• **Prompt**
Wherever the string "import" turns up in the data, copy the whole line.

Extracted data entries
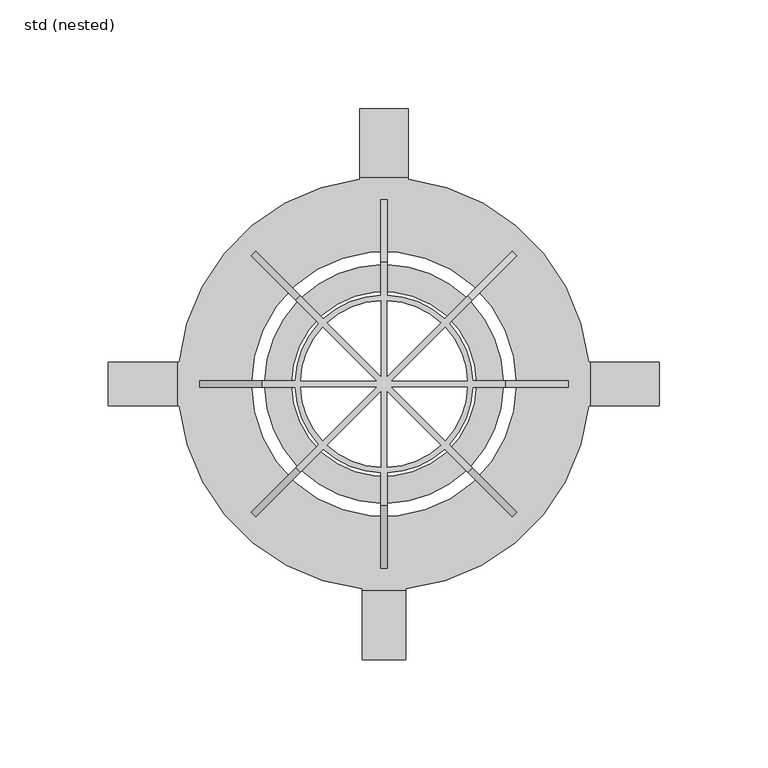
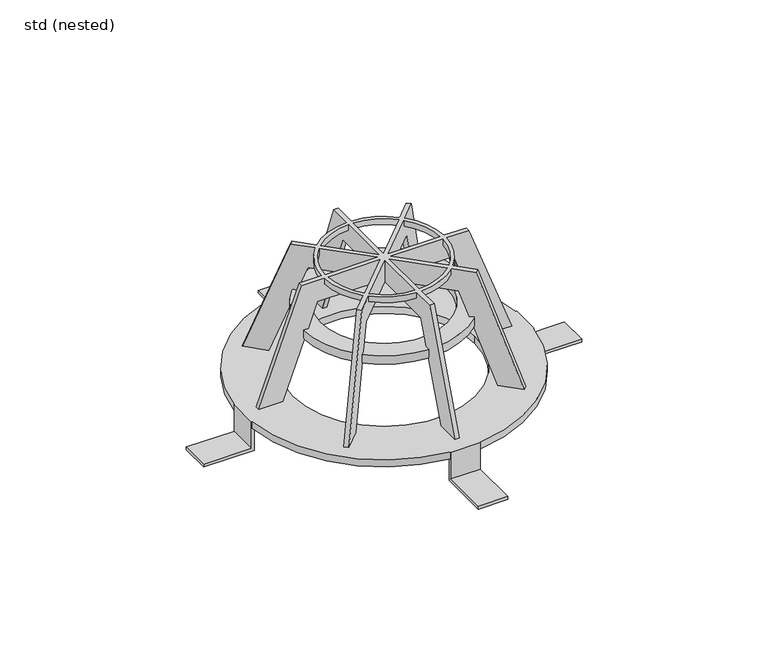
"""IFC4 building model written with IfcOpenShell, lengths in millimetres: sanitary terminal geometry, ZZZ_do not use_PF_PP_gravel trap_ACO : std (nested)."""

from ifc_helpers import new_model, si_unit, frame, origin, place, context, project, spatial, polyline, circle_curve, source, transform, mapped, element, save
from ifc_brep_helpers import plane_surface, cylinder_surface, revolved_surface, advanced_brep


def std_nested_c40f8a32(model_context):
    return source(origin(), model_context, "Body", "AdvancedBrep", [
        advanced_brep(
        [(38.5373196, 40.6586399, 99.0), (59.0434162, 61.1647366, 21.0), (47.7274525, 49.8487728, 21.0), (37.2115055, 39.3328258, 61.0), (37.8157466, 39.9370669, 61.0), (37.8157466, 39.9370669, 67.0), (35.6341134, 37.7554338, 67.0), (31.164836, 33.2861563, 84.0), (1.5, 3.6213203, 84.0), (1.5, 3.6213203, 99.0), (26.1422808, 28.2636012, 99.0), (26.1422808, 28.2636012, 95.0), (27.911309, 30.0326294, 95.0), (27.911309, 30.0326294, 99.0), (-49.8487728, -47.7274525, 21.0), (-61.1647366, -59.0434162, 21.0), (-40.6586399, -38.5373196, 99.0), (-30.0326294, -27.911309, 99.0), (-30.0326294, -27.911309, 95.0), (-28.2636012, -26.1422808, 95.0), (-28.2636012, -26.1422808, 99.0), (-3.6213203, -1.5, 99.0), (-3.6213203, -1.5, 84.0), (-33.2861563, -31.164836, 84.0), (-37.7554338, -35.6341134, 67.0), (-39.9370669, -37.8157466, 67.0), (-39.9370669, -37.8157466, 61.0), (-39.3328258, -37.2115055, 61.0), (-38.5373196, -40.6586399, 99.0), (-59.0434162, -61.1647366, 21.0), (-47.7274525, -49.8487728, 21.0), (-37.2115055, -39.3328258, 61.0), (-37.8157466, -39.9370669, 61.0), (-37.8157466, -39.9370669, 67.0), (-35.6341134, -37.7554338, 67.0), (-31.164836, -33.2861563, 84.0), (-1.5, -3.6213203, 84.0), (-1.5, -3.6213203, 99.0), (-26.1422808, -28.2636012, 99.0), (-26.1422808, -28.2636012, 95.0), (-27.911309, -30.0326294, 95.0), (-27.911309, -30.0326294, 99.0), (49.8487728, 47.7274525, 21.0), (61.1647366, 59.0434162, 21.0), (40.6586399, 38.5373196, 99.0), (30.0326294, 27.911309, 99.0), (30.0326294, 27.911309, 95.0), (28.2636012, 26.1422808, 95.0), (28.2636012, 26.1422808, 99.0), (3.6213203, 1.5, 99.0), (3.6213203, 1.5, 84.0), (33.2861563, 31.164836, 84.0), (37.7554338, 35.6341134, 67.0), (39.9370669, 37.8157466, 67.0), (39.9370669, 37.8157466, 61.0), (39.3328258, 37.2115055, 61.0), (-45.5737337, -1.5, 84.0), (-45.5737337, 1.5, 84.0), (-3.6213203, 1.5, 84.0), (-33.2861563, 31.164836, 84.0), (-31.164836, 33.2861563, 84.0), (-1.5, 3.6213203, 84.0), (-1.5, 45.5737337, 84.0), (1.5, 45.5737337, 84.0), (45.5737337, 1.5, 84.0), (45.5737337, -1.5, 84.0), (3.6213203, -1.5, 84.0), (33.2861563, -31.164836, 84.0), (31.164836, -33.2861563, 84.0), (1.5, -3.6213203, 84.0), (1.5, -45.5737337, 84.0), (-1.5, -45.5737337, 84.0), (-1.5, -40.9725518, 99.0), (-1.5, -56.0, 99.0), (1.5, -56.0, 99.0), (1.5, -40.9725518, 99.0), (27.911309, -30.0326294, 99.0), (38.5373196, -40.6586399, 99.0), (40.6586399, -38.5373196, 99.0), (30.0326294, -27.911309, 99.0), (40.9725518, -1.5, 99.0), (56.0, -1.5, 99.0), (56.0, 1.5, 99.0), (40.9725518, 1.5, 99.0), (1.5, 40.9725518, 99.0), (1.5, 56.0, 99.0), (-1.5, 56.0, 99.0), (-1.5, 40.9725518, 99.0), (-27.911309, 30.0326294, 99.0), (-38.5373196, 40.6586399, 99.0), (-40.6586399, 38.5373196, 99.0), (-30.0326294, 27.911309, 99.0), (-40.9725518, 1.5, 99.0), (-56.0, 1.5, 99.0), (-56.0, -1.5, 99.0), (-40.9725518, -1.5, 99.0), (-38.4707681, -1.5, 99.0), (38.4707681, 1.5, 99.0), (1.5, 38.4707681, 99.0), (-1.5, -38.4707681, 99.0), (-1.5, 3.6213203, 99.0), (-26.1422808, 28.2636012, 99.0), (-1.5, 38.4707681, 99.0), (1.5, -3.6213203, 99.0), (26.1422808, -28.2636012, 99.0), (1.5, -38.4707681, 99.0), (3.6213203, -1.5, 99.0), (38.4707681, -1.5, 99.0), (28.2636012, -26.1422808, 99.0), (-3.6213203, 1.5, 99.0), (-38.4707681, 1.5, 99.0), (-28.2636012, 26.1422808, 99.0), (1.5, -85.0, 21.0), (1.5, -68.9968106, 21.0), (1.5, -54.1250157, 61.0), (1.5, -54.9795416, 61.0), (1.5, -54.9795416, 67.0), (1.5, -51.8942465, 67.0), (1.5, -38.4707681, 95.0), (1.5, -40.9725518, 95.0), (1.5, 68.9968106, 21.0), (1.5, 85.0, 21.0), (1.5, 40.9725518, 95.0), (1.5, 38.4707681, 95.0), (1.5, 51.8942465, 67.0), (1.5, 54.9795416, 67.0), (1.5, 54.9795416, 61.0), (1.5, 54.1250157, 61.0), (-1.5, 85.0, 21.0), (-1.5, 68.9968106, 21.0), (-1.5, 54.1250157, 61.0), (-1.5, 54.9795416, 61.0), (-1.5, 54.9795416, 67.0), (-1.5, 51.8942465, 67.0), (-1.5, 38.4707681, 95.0), (-1.5, 40.9725518, 95.0), (-1.5, -68.9968106, 21.0), (-1.5, -85.0, 21.0), (-1.5, -40.9725518, 95.0), (-1.5, -38.4707681, 95.0), (-1.5, -51.8942465, 67.0), (-1.5, -54.9795416, 67.0), (-1.5, -54.9795416, 61.0), (-1.5, -54.1250157, 61.0), (61.1647366, -59.0434162, 21.0), (49.8487728, -47.7274525, 21.0), (39.3328258, -37.2115055, 61.0), (39.9370669, -37.8157466, 61.0), (39.9370669, -37.8157466, 67.0), (37.7554338, -35.6341134, 67.0), (28.2636012, -26.1422808, 95.0), (30.0326294, -27.911309, 95.0), (-47.7274525, 49.8487728, 21.0), (-59.0434162, 61.1647366, 21.0), (-27.911309, 30.0326294, 95.0), (-26.1422808, 28.2636012, 95.0), (-35.6341134, 37.7554338, 67.0), (-37.8157466, 39.9370669, 67.0), (-37.8157466, 39.9370669, 61.0), (-37.2115055, 39.3328258, 61.0), (-61.1647366, 59.0434162, 21.0), (-49.8487728, 47.7274525, 21.0), (-39.3328258, 37.2115055, 61.0), (-39.9370669, 37.8157466, 61.0), (-39.9370669, 37.8157466, 67.0), (-37.7554338, 35.6341134, 67.0), (-28.2636012, 26.1422808, 95.0), (-30.0326294, 27.911309, 95.0), (47.7274525, -49.8487728, 21.0), (59.0434162, -61.1647366, 21.0), (27.911309, -30.0326294, 95.0), (26.1422808, -28.2636012, 95.0), (35.6341134, -37.7554338, 67.0), (37.8157466, -39.9370669, 67.0), (37.8157466, -39.9370669, 61.0), (37.2115055, -39.3328258, 61.0), (-85.0, -1.5, 21.0), (-68.9968106, -1.5, 21.0), (-54.1250157, -1.5, 61.0), (-54.9795416, -1.5, 61.0), (-54.9795416, -1.5, 67.0), (-51.8942465, -1.5, 67.0), (-38.4707681, -1.5, 95.0), (-40.9725518, -1.5, 95.0), (68.9968106, -1.5, 21.0), (85.0, -1.5, 21.0), (40.9725518, -1.5, 95.0), (38.4707681, -1.5, 95.0), (51.8942465, -1.5, 67.0), (54.9795416, -1.5, 67.0), (54.9795416, -1.5, 61.0), (54.1250157, -1.5, 61.0), (85.0, 1.5, 21.0), (68.9968106, 1.5, 21.0), (54.1250157, 1.5, 61.0), (54.9795416, 1.5, 61.0), (54.9795416, 1.5, 67.0), (51.8942465, 1.5, 67.0), (38.4707681, 1.5, 95.0), (40.9725518, 1.5, 95.0), (-68.9968106, 1.5, 21.0), (-85.0, 1.5, 21.0), (-40.9725518, 1.5, 95.0), (-38.4707681, 1.5, 95.0), (-51.8942465, 1.5, 67.0), (-54.9795416, 1.5, 67.0), (-54.9795416, 1.5, 61.0), (-54.1250157, 1.5, 61.0), (42.5, 0.0, 61.0), (-42.5, 0.0, 61.0), (42.5, 0.0, 67.0), (-42.5, 0.0, 67.0)],
        [
            (0, 1),
            (1, 2),
            (2, 3),
            (3, 4),
            (4, 5),
            (5, 6),
            (6, 7),
            (7, 8),
            (8, 9),
            (9, 10),
            (10, 11),
            (11, 12),
            (12, 13),
            (13, 0),
            (14, 15),
            (15, 16),
            (16, 17),
            (17, 18),
            (18, 19),
            (19, 20),
            (20, 21),
            (21, 22),
            (22, 23),
            (23, 24),
            (24, 25),
            (25, 26),
            (26, 27),
            (27, 14),
            (28, 29),
            (29, 30),
            (30, 31),
            (31, 32),
            (32, 33),
            (33, 34),
            (34, 35),
            (35, 36),
            (36, 37),
            (37, 38),
            (38, 39),
            (39, 40),
            (40, 41),
            (41, 28),
            (42, 43),
            (43, 44),
            (44, 45),
            (45, 46),
            (46, 47),
            (47, 48),
            (48, 49),
            (49, 50),
            (50, 51),
            (51, 52),
            (52, 53),
            (53, 54),
            (54, 55),
            (55, 42),
            (15, 29),
            (28, 16),
            (14, 30),
            (27, 31),
            (23, 35),
            (34, 24),
            (22, 56),
            (56, 57),
            (57, 58),
            (58, 59),
            (59, 60),
            (60, 61),
            (61, 62),
            (62, 63),
            (63, 8),
            (7, 51),
            (50, 64),
            (64, 65),
            (65, 66),
            (66, 67),
            (67, 68),
            (68, 69),
            (69, 70),
            (70, 71),
            (71, 36),
            (6, 52),
            (2, 42),
            (55, 3),
            (1, 43),
            (0, 44),
            (41, 72, circle_curve(frame((0.0, 0.0, 99.0), z_axis=(0.0, 0.0, 1.0), x_axis=(-1.0, 0.0, 0.0)), 41.0)),
            (72, 73),
            (73, 74),
            (74, 75),
            (75, 76, circle_curve(frame((0.0, 0.0, 99.0), z_axis=(0.0, 0.0, 1.0), x_axis=(-1.0, 0.0, 0.0)), 41.0)),
            (76, 77),
            (77, 78),
            (78, 79),
            (79, 80, circle_curve(frame((0.0, 0.0, 99.0), z_axis=(0.0, 0.0, 1.0), x_axis=(-1.0, 0.0, 0.0)), 41.0)),
            (80, 81),
            (81, 82),
            (82, 83),
            (83, 45, circle_curve(frame((0.0, 0.0, 99.0), z_axis=(0.0, 0.0, 1.0), x_axis=(-1.0, 0.0, 0.0)), 41.0)),
            (13, 84, circle_curve(frame((0.0, 0.0, 99.0), z_axis=(0.0, 0.0, 1.0), x_axis=(-1.0, 0.0, 0.0)), 41.0)),
            (84, 85),
            (85, 86),
            (86, 87),
            (87, 88, circle_curve(frame((0.0, 0.0, 99.0), z_axis=(0.0, 0.0, 1.0), x_axis=(-1.0, 0.0, 0.0)), 41.0)),
            (88, 89),
            (89, 90),
            (90, 91),
            (91, 92, circle_curve(frame((0.0, 0.0, 99.0), z_axis=(0.0, 0.0, 1.0), x_axis=(-1.0, 0.0, 0.0)), 41.0)),
            (92, 93),
            (93, 94),
            (94, 95),
            (95, 17, circle_curve(frame((0.0, 0.0, 99.0), z_axis=(0.0, 0.0, 1.0), x_axis=(-1.0, 0.0, 0.0)), 41.0)),
            (20, 96, circle_curve(frame((0.0, 0.0, 99.0), z_axis=(0.0, 0.0, -1.0), x_axis=(-1.0, 0.0, 0.0)), 38.5)),
            (96, 21),
            (48, 97, circle_curve(frame((0.0, 0.0, 99.0), z_axis=(0.0, 0.0, -1.0), x_axis=(-1.0, 0.0, 0.0)), 38.5)),
            (97, 49),
            (9, 98),
            (98, 10, circle_curve(frame((0.0, 0.0, 99.0), z_axis=(0.0, 0.0, -1.0), x_axis=(-1.0, 0.0, 0.0)), 38.5)),
            (37, 99),
            (99, 38, circle_curve(frame((0.0, 0.0, 99.0), z_axis=(0.0, 0.0, -1.0), x_axis=(-1.0, 0.0, 0.0)), 38.5)),
            (100, 101),
            (101, 102, circle_curve(frame((0.0, 0.0, 99.0), z_axis=(0.0, 0.0, -1.0), x_axis=(-1.0, 0.0, 0.0)), 38.5)),
            (102, 100),
            (103, 104),
            (104, 105, circle_curve(frame((0.0, 0.0, 99.0), z_axis=(0.0, 0.0, -1.0), x_axis=(-1.0, 0.0, 0.0)), 38.5)),
            (105, 103),
            (106, 107),
            (107, 108, circle_curve(frame((0.0, 0.0, 99.0), z_axis=(0.0, 0.0, -1.0), x_axis=(-1.0, 0.0, 0.0)), 38.5)),
            (108, 106),
            (109, 110),
            (110, 111, circle_curve(frame((0.0, 0.0, 99.0), z_axis=(0.0, 0.0, -1.0), x_axis=(-1.0, 0.0, 0.0)), 38.5)),
            (111, 109),
            (74, 112),
            (112, 113),
            (113, 114),
            (114, 115),
            (115, 116),
            (116, 117),
            (117, 70),
            (69, 103),
            (105, 118),
            (118, 119),
            (119, 75),
            (120, 121),
            (121, 85),
            (84, 122),
            (122, 123),
            (123, 98),
            (63, 124),
            (124, 125),
            (125, 126),
            (126, 127),
            (127, 120),
            (86, 128),
            (128, 129),
            (129, 130),
            (130, 131),
            (131, 132),
            (132, 133),
            (133, 62),
            (61, 100),
            (102, 134),
            (134, 135),
            (135, 87),
            (136, 137),
            (137, 73),
            (72, 138),
            (138, 139),
            (139, 99),
            (71, 140),
            (140, 141),
            (141, 142),
            (142, 143),
            (143, 136),
            (137, 112),
            (136, 113),
            (117, 140),
            (143, 114),
            (133, 124),
            (129, 120),
            (127, 130),
            (128, 121),
            (78, 144),
            (144, 145),
            (145, 146),
            (146, 147),
            (147, 148),
            (148, 149),
            (149, 67),
            (66, 106),
            (108, 150),
            (150, 151),
            (151, 79),
            (152, 153),
            (153, 89),
            (88, 154),
            (154, 155),
            (155, 101),
            (60, 156),
            (156, 157),
            (157, 158),
            (158, 159),
            (159, 152),
            (90, 160),
            (160, 161),
            (161, 162),
            (162, 163),
            (163, 164),
            (164, 165),
            (165, 59),
            (58, 109),
            (111, 166),
            (166, 167),
            (167, 91),
            (168, 169),
            (169, 77),
            (76, 170),
            (170, 171),
            (171, 104),
            (68, 172),
            (172, 173),
            (173, 174),
            (174, 175),
            (175, 168),
            (169, 144),
            (168, 145),
            (149, 172),
            (175, 146),
            (165, 156),
            (161, 152),
            (159, 162),
            (160, 153),
            (94, 176),
            (176, 177),
            (177, 178),
            (178, 179),
            (179, 180),
            (180, 181),
            (181, 56),
            (96, 182),
            (182, 183),
            (183, 95),
            (184, 185),
            (185, 81),
            (80, 186),
            (186, 187),
            (187, 107),
            (65, 188),
            (188, 189),
            (189, 190),
            (190, 191),
            (191, 184),
            (82, 192),
            (192, 193),
            (193, 194),
            (194, 195),
            (195, 196),
            (196, 197),
            (197, 64),
            (97, 198),
            (198, 199),
            (199, 83),
            (200, 201),
            (201, 93),
            (92, 202),
            (202, 203),
            (203, 110),
            (57, 204),
            (204, 205),
            (205, 206),
            (206, 207),
            (207, 200),
            (201, 176),
            (200, 177),
            (181, 204),
            (207, 178),
            (197, 188),
            (193, 184),
            (191, 194),
            (192, 185),
            (142, 32, circle_curve(frame((0.0, 0.0, 61.0), z_axis=(0.0, 0.0, -1.0), x_axis=(-1.0, 0.0, 0.0)), 55.0)),
            (26, 179, circle_curve(frame((0.0, 0.0, 61.0), z_axis=(0.0, 0.0, -1.0), x_axis=(-1.0, 0.0, 0.0)), 55.0)),
            (206, 163, circle_curve(frame((0.0, 0.0, 61.0), z_axis=(0.0, 0.0, -1.0), x_axis=(-1.0, 0.0, 0.0)), 55.0)),
            (158, 131, circle_curve(frame((0.0, 0.0, 61.0), z_axis=(0.0, 0.0, -1.0), x_axis=(-1.0, 0.0, 0.0)), 55.0)),
            (126, 4, circle_curve(frame((0.0, 0.0, 61.0), z_axis=(0.0, 0.0, -1.0), x_axis=(-1.0, 0.0, 0.0)), 55.0)),
            (54, 195, circle_curve(frame((0.0, 0.0, 61.0), z_axis=(0.0, 0.0, -1.0), x_axis=(-1.0, 0.0, 0.0)), 55.0)),
            (190, 147, circle_curve(frame((0.0, 0.0, 61.0), z_axis=(0.0, 0.0, -1.0), x_axis=(-1.0, 0.0, 0.0)), 55.0)),
            (174, 115, circle_curve(frame((0.0, 0.0, 61.0), z_axis=(0.0, 0.0, -1.0), x_axis=(-1.0, 0.0, 0.0)), 55.0)),
            (208, 209, circle_curve(frame((0.0, 0.0, 61.0), z_axis=(0.0, 0.0, 1.0), x_axis=(-1.0, 0.0, 0.0)), 42.5)),
            (209, 208, circle_curve(frame((0.0, 0.0, 61.0), z_axis=(0.0, 0.0, 1.0), x_axis=(-1.0, 0.0, 0.0)), 42.5)),
            (5, 125, circle_curve(frame((0.0, 0.0, 67.0), z_axis=(0.0, 0.0, 1.0), x_axis=(-1.0, 0.0, 0.0)), 55.0)),
            (132, 157, circle_curve(frame((0.0, 0.0, 67.0), z_axis=(0.0, 0.0, 1.0), x_axis=(-1.0, 0.0, 0.0)), 55.0)),
            (164, 205, circle_curve(frame((0.0, 0.0, 67.0), z_axis=(0.0, 0.0, 1.0), x_axis=(-1.0, 0.0, 0.0)), 55.0)),
            (180, 25, circle_curve(frame((0.0, 0.0, 67.0), z_axis=(0.0, 0.0, 1.0), x_axis=(-1.0, 0.0, 0.0)), 55.0)),
            (33, 141, circle_curve(frame((0.0, 0.0, 67.0), z_axis=(0.0, 0.0, 1.0), x_axis=(-1.0, 0.0, 0.0)), 55.0)),
            (116, 173, circle_curve(frame((0.0, 0.0, 67.0), z_axis=(0.0, 0.0, 1.0), x_axis=(-1.0, 0.0, 0.0)), 55.0)),
            (148, 189, circle_curve(frame((0.0, 0.0, 67.0), z_axis=(0.0, 0.0, 1.0), x_axis=(-1.0, 0.0, 0.0)), 55.0)),
            (196, 53, circle_curve(frame((0.0, 0.0, 67.0), z_axis=(0.0, 0.0, 1.0), x_axis=(-1.0, 0.0, 0.0)), 55.0)),
            (210, 211, circle_curve(frame((0.0, 0.0, 67.0), z_axis=(0.0, 0.0, -1.0), x_axis=(-1.0, 0.0, 0.0)), 42.5)),
            (211, 210, circle_curve(frame((0.0, 0.0, 67.0), z_axis=(0.0, 0.0, -1.0), x_axis=(-1.0, 0.0, 0.0)), 42.5)),
            (209, 211),
            (210, 208),
            (138, 40, circle_curve(frame((0.0, 0.0, 95.0), z_axis=(0.0, 0.0, -1.0), x_axis=(-1.0, 0.0, 0.0)), 41.0)),
            (39, 139, circle_curve(frame((0.0, 0.0, 95.0), z_axis=(0.0, 0.0, 1.0), x_axis=(-1.0, 0.0, 0.0)), 38.5)),
            (170, 119, circle_curve(frame((0.0, 0.0, 95.0), z_axis=(0.0, 0.0, -1.0), x_axis=(-1.0, 0.0, 0.0)), 41.0)),
            (118, 171, circle_curve(frame((0.0, 0.0, 95.0), z_axis=(0.0, 0.0, 1.0), x_axis=(-1.0, 0.0, 0.0)), 38.5)),
            (186, 151, circle_curve(frame((0.0, 0.0, 95.0), z_axis=(0.0, 0.0, -1.0), x_axis=(-1.0, 0.0, 0.0)), 41.0)),
            (150, 187, circle_curve(frame((0.0, 0.0, 95.0), z_axis=(0.0, 0.0, 1.0), x_axis=(-1.0, 0.0, 0.0)), 38.5)),
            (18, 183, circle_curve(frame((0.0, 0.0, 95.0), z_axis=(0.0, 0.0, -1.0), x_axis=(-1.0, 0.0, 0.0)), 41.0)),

• **Reply to the exercise**
from ifc_helpers import new_model, si_unit, frame, origin, place, context, project, spatial, polyline, circle_curve, source, transform, mapped, element, save
from ifc_brep_helpers import plane_surface, cylinder_surface, revolved_surface, advanced_brep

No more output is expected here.